Thursday, May 17, 2007

Release the Stars by Rufus Wainwright

He said he wanted to make a record that made the sound of 'cash registers ringing'. And after 10 years of making orchestral high camp his turf, winning adulation from the elite minority, no one would deny Rufus Wainwright the right to chase the dollar. However, before even pushing play, it's quite clear that Rufus was either taking the piss in a big way, or has absolutely no idea what the vast majority of the unwashed masses want to listen to.

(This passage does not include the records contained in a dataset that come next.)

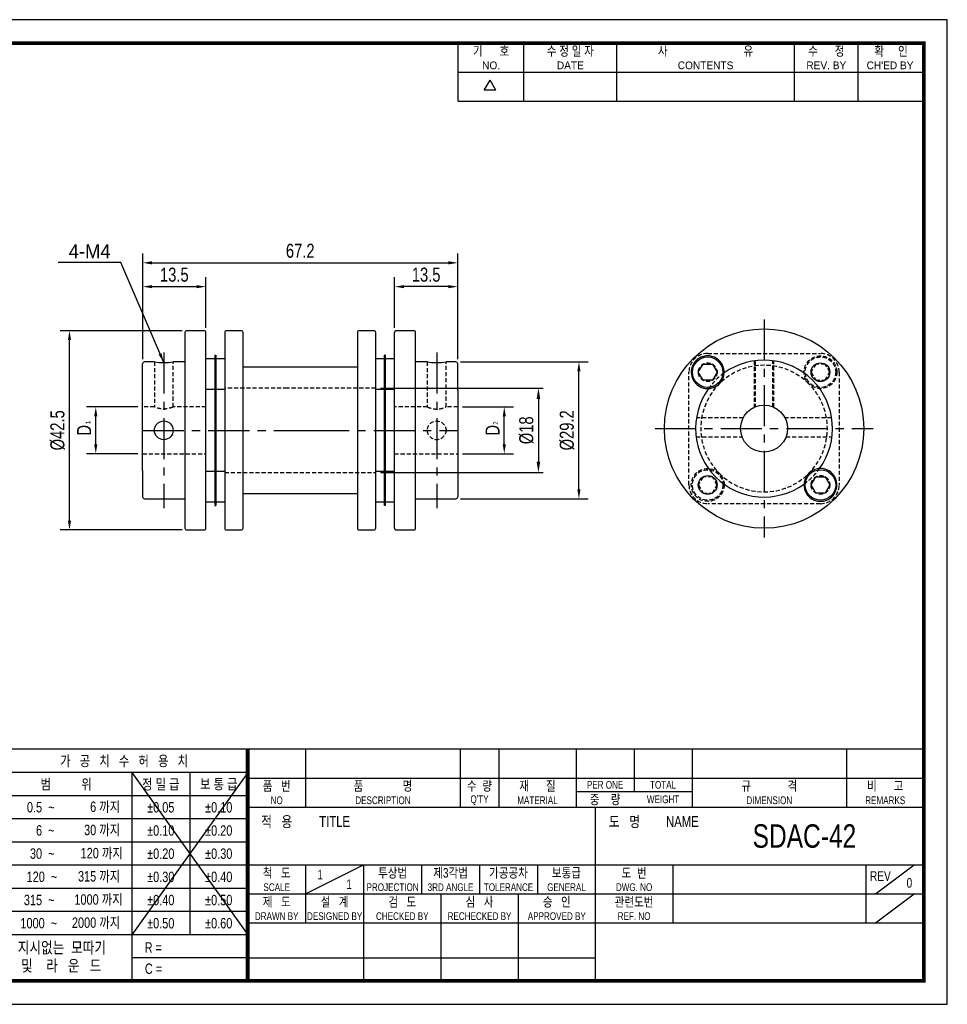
# Model space of a CAD drawing. Header units: millimetres. Extents: x 0 to 297, y 0 to 210.
# Tile 2 of 2: x 99 to 297, y 0 to 210. Entities that reach past the tile are written whole.
import ezdxf
from ezdxf.enums import TextEntityAlignment as Align

# ---------------------------------------------------------------- set-up
doc = ezdxf.new("R2010")
doc.units = ezdxf.units.MM
doc.header["$LTSCALE"] = 7
for name, pattern in [('CENTER', [2, 1.25, -0.25, 0.25, -0.25]), ('CENTER2', [1.125, 0.75, -0.125, 0.125, -0.125]), ('DASHED', [0.75, 0.5, -0.25]), ('HIDDEN', [0.375, 0.25, -0.125]), ('HIDDEN2', [0.1875, 0.125, -0.0625]), ('PHANTOM2', [1.25, 0.625, -0.125, 0.125, -0.125, 0.125, -0.125])]:
    doc.linetypes.add(name, pattern=pattern)
doc.layers.get('0').update_dxf_attribs({"linetype": 'CONTINUOUS'})
doc.layers.get('Defpoints').update_dxf_attribs({"linetype": 'CONTINUOUS'})
for name, color, linetype in [('BM', 2, 'CONTINUOUS'), ('C', 1, 'CENTER2'), ('CT', 1, 'CENTER'), ('D', 7, 'CONTINUOUS'), ('DIM', 7, 'CONTINUOUS'), ('H', 3, 'HIDDEN'), ('HD', 4, 'DASHED'), ('P', 4, 'PHANTOM2')]:
    doc.layers.add(name, color=color, linetype=linetype)
doc.styles.get("Standard").update_dxf_attribs({"font": 'Gulim.ttf', "width": 0.8, "height": 3})
doc.dimstyles.new('LIM', dxfattribs={"dimtxt": 2, "dimasz": 2, "dimexe": 2, "dimexo": 1, "dimgap": 1, "dimtad": 1, "dimdec": 3, "dimzin": 9, "dimdsep": 46, "dimtxsty": 'Standard', "dimcen": 3, "dimclrd": 1, "dimclre": 1, "dimadec": 0, "dimazin": 0, "dimtfac": 1, "dimtdec": 3, "dimtmove": 0, "dimatfit": 3, "dimfxl": 0, "dimtolj": 1, "dimtzin": 0, "dimarcsym": 0})
doc.dimstyles.get("Standard").update_dxf_attribs({"dimtxt": 0.18, "dimasz": 0.18, "dimexe": 0.18, "dimexo": 0.0625, "dimgap": 0.09, "dimtad": 0, "dimtih": 1, "dimtoh": 1, "dimdec": 4, "dimzin": 0, "dimdsep": 46, "dimtxsty": 'Standard', "dimcen": 0.09, "dimadec": 0, "dimazin": 0, "dimtfac": 1, "dimtdec": 4, "dimtofl": 0, "dimtmove": 0, "dimatfit": 3, "dimfxl": 0, "dimtolj": 1, "dimtzin": 0, "dimarcsym": 0})

# ---------------------------------------------------------------- blocks, each defined once
blk = doc.blocks.new('*D202')
at = {"layer": 'Defpoints', "color": 0}
for p in [(192.61, 158.15), (125.41, 136.62), (192.61, 136.62)]:
    blk.add_point(p, dxfattribs=at)
at = {"layer": 'DIM', "color": 1, "lineweight": -2}
for p, q in [((125.41, 137.62), (125.41, 160.15)), ((192.61, 137.62), (192.61, 160.15)), ((127.41, 158.15), (190.61, 158.15))]:
    blk.add_line(p, q, dxfattribs=at)
at = {"layer": 'DIM', "color": 1}
for points in [[(127.41, 158.48), (127.41, 157.81), (125.41, 158.15)], [(190.61, 158.48), (190.61, 157.81), (192.61, 158.15)]]:
    blk.add_solid(points, dxfattribs=at)
at = {"layer": 'DIM', "color": 0, "insert": (159.01, 160.69), "char_height": 3, "attachment_point": 5}
blk.add_mtext('\\A1;67.2', dxfattribs=at)
blk = doc.blocks.new('*D203')
at = {"layer": 'Defpoints', "color": 0}
for p in [(138.91, 153.06), (138.91, 143.27), (125.41, 136.62)]:
    blk.add_point(p, dxfattribs=at)
at = {"layer": 'DIM', "color": 1, "lineweight": -2}
for p, q in [((125.41, 137.62), (125.41, 155.06)), ((138.91, 144.27), (138.91, 155.06)), ((127.41, 153.06), (136.91, 153.06))]:
    blk.add_line(p, q, dxfattribs=at)
at = {"layer": 'DIM', "color": 1}
for points in [[(127.41, 153.39), (127.41, 152.73), (125.41, 153.06)], [(136.91, 153.39), (136.91, 152.73), (138.91, 153.06)]]:
    blk.add_solid(points, dxfattribs=at)
at = {"layer": 'DIM', "color": 0, "insert": (132.16, 155.6), "char_height": 3, "attachment_point": 5}
blk.add_mtext('\\A1;13.5', dxfattribs=at)
blk = doc.blocks.new('*D204')
at = {"layer": 'Defpoints', "color": 0}
for p in [(109.81, 143.67), (134.81, 143.67), (134.81, 101.17)]:
    blk.add_point(p, dxfattribs=at)
at = {"layer": 'DIM', "color": 1, "lineweight": -2}
for p, q in [((133.81, 143.67), (107.81, 143.67)), ((109.81, 103.17), (109.81, 141.67)), ((133.81, 101.17), (107.81, 101.17))]:
    blk.add_line(p, q, dxfattribs=at)
at = {"layer": 'DIM', "color": 1}
for points in [[(109.47, 141.67), (110.14, 141.67), (109.81, 143.67)], [(109.47, 103.17), (110.14, 103.17), (109.81, 101.17)]]:
    blk.add_solid(points, dxfattribs=at)
at = {"layer": 'DIM', "color": 0, "insert": (107.27, 122.42), "char_height": 3, "attachment_point": 5, "rotation": 90}
blk.add_mtext('\\A1;%%c42.5', dxfattribs=at)
blk = doc.blocks.new('*D205')
at = {"layer": 'Defpoints', "color": 0}
for p in [(115.41, 127.42), (125.41, 127.42), (125.41, 117.42)]:
    blk.add_point(p, dxfattribs=at)
at = {"layer": 'DIM', "color": 1, "lineweight": -2}
for p, q in [((124.41, 127.42), (113.41, 127.42)), ((115.41, 119.42), (115.41, 125.42)), ((124.41, 117.42), (113.41, 117.42))]:
    blk.add_line(p, q, dxfattribs=at)
at = {"layer": 'DIM', "color": 1}
for points in [[(115.07, 125.42), (115.74, 125.42), (115.41, 127.42)], [(115.07, 119.42), (115.74, 119.42), (115.41, 117.42)]]:
    blk.add_solid(points, dxfattribs=at)
at = {"layer": 'DIM', "color": 0, "insert": (112.9, 122.42), "char_height": 3, "attachment_point": 5, "rotation": 90}
blk.add_mtext('\\A1;D', dxfattribs=at)
blk = doc.blocks.new('*D206')
at = {"layer": 'Defpoints', "color": 0}
for p in [(179.11, 153.06), (179.11, 143.27), (192.61, 136.62)]:
    blk.add_point(p, dxfattribs=at)
at = {"layer": 'DIM', "color": 1, "lineweight": -2}
for p, q in [((179.11, 144.27), (179.11, 155.06)), ((192.61, 137.62), (192.61, 155.06)), ((190.61, 153.06), (181.11, 153.06))]:
    blk.add_line(p, q, dxfattribs=at)
at = {"layer": 'DIM', "color": 1}
for points in [[(181.11, 153.39), (181.11, 152.73), (179.11, 153.06)], [(190.61, 153.39), (190.61, 152.73), (192.61, 153.06)]]:
    blk.add_solid(points, dxfattribs=at)
at = {"layer": 'DIM', "color": 0, "insert": (185.86, 155.6), "char_height": 3, "attachment_point": 5}
blk.add_mtext('\\A1;13.5', dxfattribs=at)
blk = doc.blocks.new('*D207')
at = {"layer": 'Defpoints', "color": 0}
for p in [(192.21, 137.02), (218.44, 137.02), (192.21, 107.82)]:
    blk.add_point(p, dxfattribs=at)
at = {"layer": 'DIM', "color": 1, "lineweight": -2}
for p, q in [((193.21, 137.02), (220.44, 137.02)), ((218.44, 109.82), (218.44, 135.02)), ((193.21, 107.82), (220.44, 107.82))]:
    blk.add_line(p, q, dxfattribs=at)
at = {"layer": 'DIM', "color": 1}
for points in [[(218.11, 135.02), (218.77, 135.02), (218.44, 137.02)], [(218.11, 109.82), (218.77, 109.82), (218.44, 107.82)]]:
    blk.add_solid(points, dxfattribs=at)
at = {"layer": 'DIM', "color": 0, "insert": (215.9, 122.42), "char_height": 3, "attachment_point": 5, "rotation": 90}
blk.add_mtext('\\A1;%%c29.2', dxfattribs=at)
blk = doc.blocks.new('*D208')
at = {"layer": 'Defpoints', "color": 0}
for p in [(192.61, 127.42), (202.52, 127.42), (192.61, 117.42)]:
    blk.add_point(p, dxfattribs=at)
at = {"layer": 'DIM', "color": 1, "lineweight": -2}
for p, q in [((193.61, 127.42), (204.52, 127.42)), ((202.52, 119.42), (202.52, 125.42)), ((193.61, 117.42), (204.52, 117.42))]:
    blk.add_line(p, q, dxfattribs=at)
at = {"layer": 'DIM', "color": 1}
for points in [[(202.19, 125.42), (202.86, 125.42), (202.52, 127.42)], [(202.19, 119.42), (202.86, 119.42), (202.52, 117.42)]]:
    blk.add_solid(points, dxfattribs=at)
at = {"layer": 'DIM', "color": 0, "insert": (200.02, 122.42), "char_height": 3, "attachment_point": 5, "rotation": 90}
blk.add_mtext('\\A1;D', dxfattribs=at)
blk = doc.blocks.new('*D211')
at = {"layer": 'D', "color": 1, "lineweight": -2}
for p, q in [((176.11, 131.42), (210.81, 131.42)), ((209.81, 129.12), (209.81, 115.72)), ((176.11, 113.42), (210.81, 113.42))]:
    blk.add_line(p, q, dxfattribs=at)
at = {"layer": 'D', "color": 1}
for points in [[(209.42, 129.12), (210.19, 129.12), (209.81, 131.42)], [(209.42, 115.72), (210.19, 115.72), (209.81, 113.42)]]:
    blk.add_solid(points, dxfattribs=at)
at = {"layer": 'Defpoints', "color": 0}
for p in [(175.11, 131.42), (175.11, 113.42), (209.81, 113.42)]:
    blk.add_point(p, dxfattribs=at)
at = {"layer": 'D', "insert": (207.26, 122.42), "char_height": 3, "attachment_point": 5, "rotation": 90}
blk.add_mtext('\\A1;%%c18', dxfattribs=at)

msp = doc.modelspace()

# ---------------------------------------------------------------- linework, layer by layer
for p, q in [((192.71392, 192.64074), (192.71392, 205)), ((206.72109, 192.64074), (206.72109, 205)), ((226.49591, 192.64074), (226.49591, 205)), ((264.39765, 192.64074), (264.39765, 205)), ((277.99284, 192.64074), (277.99284, 205)), ((192.71392, 198.82037), (291.58802, 198.82037)), ((198.25647, 194.97648), (199.49239, 197.11716)), ((200.72832, 194.97648), (199.49239, 197.11716)), ((200.72832, 194.97648), (198.25647, 194.97648)), ((147.8086, 54.43705), (95.07575, 54.43705)), ((292, 54.43705), (147.8086, 54.43705)), ((147.8086, 54.43705), (147.8086, 5)), ((160.16787, 54.43705), (160.16787, 42.07779)), ((193.1259, 54.43705), (193.1259, 42.07779)), ((201.36541, 54.43705), (201.36541, 42.07779)), ((217.84443, 54.43705), (217.84443, 42.07779)), ((230.20369, 54.43705), (230.20369, 45.37359)), ((242.56295, 54.43705), (242.56295, 42.07779)), ((275.52098, 54.43705), (275.52098, 42.07779)), ((147.8086, 49.42948), (95.07575, 49.42948)), ((147.8086, 49.42948), (123.09008, 14.82355)), ((123.09008, 49.42948), (147.8086, 14.82355)), ((123.09008, 49.42948), (123.09008, 5)), ((135.44934, 49.42948), (135.44934, 14.82355)), ((147.8086, 48.25742), (292, 48.25742)), ((147.8086, 44.48577), (95.07575, 44.48577)), ((217.84443, 45.37359), (242.56295, 45.37359)), ((147.8086, 42.07779), (292, 42.07779)), ((221.96418, 5), (221.96418, 42.07779)), ((147.8086, 39.54207), (95.07575, 39.54207)), ((147.8086, 34.59837), (95.07575, 34.59837)), ((147.8086, 29.65466), (95.07575, 29.65466)), ((147.8086, 29.71852), (292, 29.71852)), ((160.16787, 23.53889), (172.52713, 29.71852)), ((160.16787, 29.71852), (160.16787, 17.35926)), ((172.52713, 29.71852), (172.52713, 5)), ((184.88639, 29.71852), (184.88639, 23.53889)), ((197.24565, 29.71852), (197.24565, 23.53889)), ((209.60492, 29.71852), (209.60492, 23.53889)), ((238.4432, 29.71852), (238.4432, 17.35926)), ((279.64074, 29.71852), (279.64074, 17.35926)), ((281.70061, 23.53889), (289.94012, 29.71852)), ((147.8086, 24.71096), (95.07575, 24.71096)), ((147.8086, 23.53889), (221.96418, 23.53889)), ((189.00615, 23.53889), (189.00615, 5)), ((205.48516, 23.53889), (205.48516, 5)), ((221.96418, 23.53889), (292, 23.53889)), ((281.70061, 17.35926), (289.94012, 23.53889)), ((147.8086, 19.76725), (95.07575, 19.76725)), ((147.8086, 17.35926), (292, 17.35926)), ((147.8086, 14.82355), (95.07575, 14.82355)), ((147.8086, 9.87984), (123.09008, 9.87984)), ((147.8086, 9.87984), (221.96418, 9.87984))]:
    msp.add_line(p, q)
msp.add_lwpolyline([(297, 210), (0, 210), (0, 0), (297, 0)], close=True)
msp.add_lwpolyline([(292, 205, 0.8, 0.8, 0), (5, 205, 0.8, 0.8, 0), (5, 5, 0.8, 0.8, 0), (292, 5, 0.8, 0.8, 0)], format="xyseb", close=True)
at = {"const_width": 0.82395}
msp.add_lwpolyline([(147.8086, 5), (147.8086, 54.43705)], dxfattribs=at)
at = {"layer": 'BM', "linetype": 'Continuous'}
for p, q in [((134.40546, 143.26635), (134.40546, 101.56635)), ((138.50546, 143.66635), (134.80546, 143.66635)), ((138.90546, 101.56635), (138.90546, 143.26635)), ((142.90546, 143.26635), (142.90546, 101.56635)), ((146.40546, 143.66635), (143.30546, 143.66635)), ((146.80546, 101.56635), (146.80546, 143.26635)), ((171.20546, 143.26635), (171.20546, 101.56635)), ((174.70546, 143.66635), (171.60546, 143.66635)), ((175.10546, 101.56635), (175.10546, 143.26635)), ((179.10546, 101.56635), (179.10546, 143.26635)), ((183.20546, 143.66635), (179.50546, 143.66635)), ((183.60546, 101.56635), (183.60546, 143.26635)), ((125.40546, 113.82119), (125.40546, 136.61635)), ((127.90924, 137.01635), (125.80546, 137.01635)), ((134.40546, 137.01635), (131.89685, 137.01635)), ((140.80546, 137.68717), (138.90546, 137.68717)), ((140.80546, 138.43717), (140.80546, 134.43717)), ((140.80546, 138.43717), (141.00546, 138.43717)), ((141.00546, 138.43717), (141.00546, 134.43717)), ((142.90546, 137.68717), (141.00546, 137.68717)), ((177.00546, 137.68717), (175.10546, 137.68717)), ((177.00546, 134.43717), (177.00546, 138.43717)), ((177.20546, 138.43717), (177.00546, 138.43717)), ((177.20546, 134.43717), (177.20546, 138.43717)), ((179.10546, 137.68717), (177.20546, 137.68717)), ((186.11408, 137.01635), (183.60546, 137.01635)), ((192.20546, 137.01635), (190.10168, 137.01635)), ((192.60546, 133.71959), (192.60546, 136.61635)), ((243.90234, 134.81501), (244.90234, 136.54706)), ((244.90234, 136.54706), (246.90234, 136.54706)), ((246.90234, 136.54706), (247.90234, 134.81501)), ((140.80546, 134.43717), (140.80546, 110.39554)), ((141.00546, 134.43717), (141.00546, 110.39554)), ((160.70946, 135.91635), (146.80546, 135.91635)), ((171.20546, 135.91635), (160.70946, 135.91635)), ((177.00546, 110.39554), (177.00546, 134.43717)), ((177.20546, 110.39554), (177.20546, 134.43717)), ((244.90234, 133.08296), (243.90234, 134.81501)), ((247.90234, 134.81501), (246.90234, 133.08296)), ((192.60546, 131.01152), (192.60546, 133.71959)), ((246.90234, 133.08296), (244.90234, 133.08296)), ((138.90546, 131.18717), (140.80546, 131.18717)), ((141.00546, 131.18717), (142.90546, 131.18717)), ((175.10546, 131.18717), (177.00546, 131.18717)), ((177.20546, 131.18717), (179.10546, 131.18717)), ((192.60546, 131.01152), (192.60546, 108.21635)), ((125.40546, 113.82119), (125.40546, 111.11312)), ((140.80546, 113.64554), (138.90546, 113.64554)), ((142.90546, 113.64554), (141.00546, 113.64554)), ((177.00546, 113.64554), (175.10546, 113.64554)), ((179.10546, 113.64554), (177.20546, 113.64554)), ((267.94397, 110.77338), (268.94397, 112.50543)), ((268.94397, 112.50543), (270.94397, 112.50543)), ((270.94397, 112.50543), (271.94397, 110.77338)), ((125.40546, 111.11312), (125.40546, 108.21635)), ((140.80546, 110.39554), (140.80546, 106.39554)), ((141.00546, 110.39554), (141.00546, 106.39554)), ((177.00546, 106.39554), (177.00546, 110.39554)), ((177.20546, 106.39554), (177.20546, 110.39554)), ((268.94397, 109.04133), (267.94397, 110.77338)), ((271.94397, 110.77338), (270.94397, 109.04133)), ((125.80546, 107.81635), (134.40546, 107.81635)), ((138.90546, 107.14554), (140.80546, 107.14554)), ((141.00546, 107.14554), (142.90546, 107.14554)), ((146.80546, 108.91635), (160.70946, 108.91635)), ((160.70946, 108.91635), (171.20546, 108.91635)), ((175.10546, 107.14554), (177.00546, 107.14554)), ((177.20546, 107.14554), (179.10546, 107.14554)), ((183.60546, 107.81635), (192.20546, 107.81635)), ((270.94397, 109.04133), (268.94397, 109.04133)), ((140.80546, 106.39554), (141.00546, 106.39554)), ((177.20546, 106.39554), (177.00546, 106.39554)), ((134.80546, 101.16635), (138.50546, 101.16635)), ((143.30546, 101.16635), (146.40546, 101.16635)), ((171.60546, 101.16635), (174.70546, 101.16635)), ((179.50546, 101.16635), (183.20546, 101.16635))]:
    msp.add_line(p, q, dxfattribs=at)
for centre, radius in [((257.92315, 122.79419), 21.25), ((245.90234, 134.81501), 3.25), ((269.94397, 134.81501), 2), ((269.94397, 134.81501), 2), ((257.92315, 122.79419), 5), ((129.90546, 122.41635), 2), ((269.94397, 110.77338), 3.25), ((245.90234, 110.77338), 2), ((245.90234, 110.77338), 2)]:
    msp.add_circle(centre, radius, dxfattribs=at)
for centre, radius, start, end in [((134.80546, 143.26635), 0.4, 90, 180), ((138.50546, 143.26635), 0.4, 0, 90), ((143.30546, 143.26635), 0.4, 90, 180), ((146.40546, 143.26635), 0.4, 0, 90), ((171.60546, 143.26635), 0.4, 90, 180), ((174.70546, 143.26635), 0.4, 0, 90), ((179.50546, 143.26635), 0.4, 90, 180), ((183.20546, 143.26635), 0.4, 0, 90), ((125.80546, 136.61635), 0.4, 90, 180), ((129.90553, 151.42296), 14.5451, 262.0963209, 277.9031133), ((188.10539, 151.42296), 14.5451, 262.1066223, 277.8938123), ((192.20546, 136.61635), 0.4, 0, 90), ((245.90234, 134.81501), 3.5, 357.2471049, 272.7528951), ((257.92315, 122.79419), 14.6, 324.2750957, 125.7249043), ((245.90234, 134.81501), 3.5, 348.1691705, 357.2471049), ((245.90234, 134.81501), 3.5, 281.8308295, 348.1691705), ((257.92315, 122.79419), 14.6, 144.2750957, 305.7249043), ((245.90234, 134.81501), 3.5, 272.7528951, 281.8308295), ((269.94397, 110.77338), 3.5, 177.2471049, 92.7528951), ((269.94397, 110.77338), 3.5, 101.8308295, 168.1691705), ((269.94397, 110.77338), 3.5, 92.7528951, 101.8308295), ((269.94397, 110.77338), 3.5, 168.1691705, 177.2471049), ((125.80546, 108.21635), 0.4, 180, 270), ((192.20546, 108.21635), 0.4, 270, 0), ((134.80546, 101.56635), 0.4, 180, 270), ((138.50546, 101.56635), 0.4, 270, 0), ((143.30546, 101.56635), 0.4, 180, 270), ((146.40546, 101.56635), 0.4, 270, 0), ((171.60546, 101.56635), 0.4, 180, 270), ((174.70546, 101.56635), 0.4, 270, 0), ((179.50546, 101.56635), 0.4, 180, 270), ((183.20546, 101.56635), 0.4, 270, 0)]:
    msp.add_arc(centre, radius, start, end, dxfattribs=at)
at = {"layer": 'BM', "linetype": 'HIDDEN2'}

Having yourself photographed in personalised, monogrammed Leiderhosen posing in front of a fireplace is hardly the way to de-camp yourself after posing as Lady of Shallott on 2002's most excellent Want Two. And if you want to sell records, particularly in America, being gay, either overtly or covertly, is probably not the way to go. Then you hear the first track, 'Do I Disappoint You', and you realise that he's made no effort whatsoever to back away from his previous florid, layered, exquisitely dramatic and camp self, and we are all wealthier for it, because Release the Stars is a triumph.
Perhaps not quite the elegiac masterpiece that the Want twins were, this record actually emphasises Wainwright's 'more is more' approach, and the fact that it follows two utter gems probably harms it by comparison. But fear not, from the moment his voice kicks in (liquid gold emerging from a human's throat, if ever that has been) about 20 octaves up 3.12 into the opening track, and the brass section is unleashed, this record is exquisite in its majesty and grandiloquence.
One of Wainwright's strengths (other than that voice, and his impressive songwriting chops) has been his ability to do bombast and moderation with equal skill and panache. Stormers like 'Do I Disappoint You', 'Between My Legs' and album highlight 'Rules and Regulations' (horns and flutes have rarely been so judiciously unleashed) sit comfotably with downbeat ruminations such as 'Going to a Town' (where Rufus laments the rednecked homophobia of his homeland) and 'Not Ready to Love'.
Of course, no Wainwright release would be complete without a piece of high camp tory-baiting, a la 'Gay Messiah' from Want Two, and here we find it in the oh-so unsubtle 'Between My Legs', with it's gloriously cheecky climax, gleefully pilfering the hook from Andrew Lloyd-Webber's 'Phantom of the Opera', which is steeped in gay allegory that is open to interpretation. Just not much interpretation.
Closing on the title track, we realise that he's saying it in the same manner as Mr Burns and his hounds, setting celebrities loose on the world with a wry grin and a certain amount of satisfaction, all to a lounge music groove and an unspeakably sexy horn section (again). This is no departure from the old Rufus, this is Rufus in all his glory, replete in Leiderhosen and wonderment, revelling in the lofty heights his unparalleled talent can take him, and our lives are so much better for it.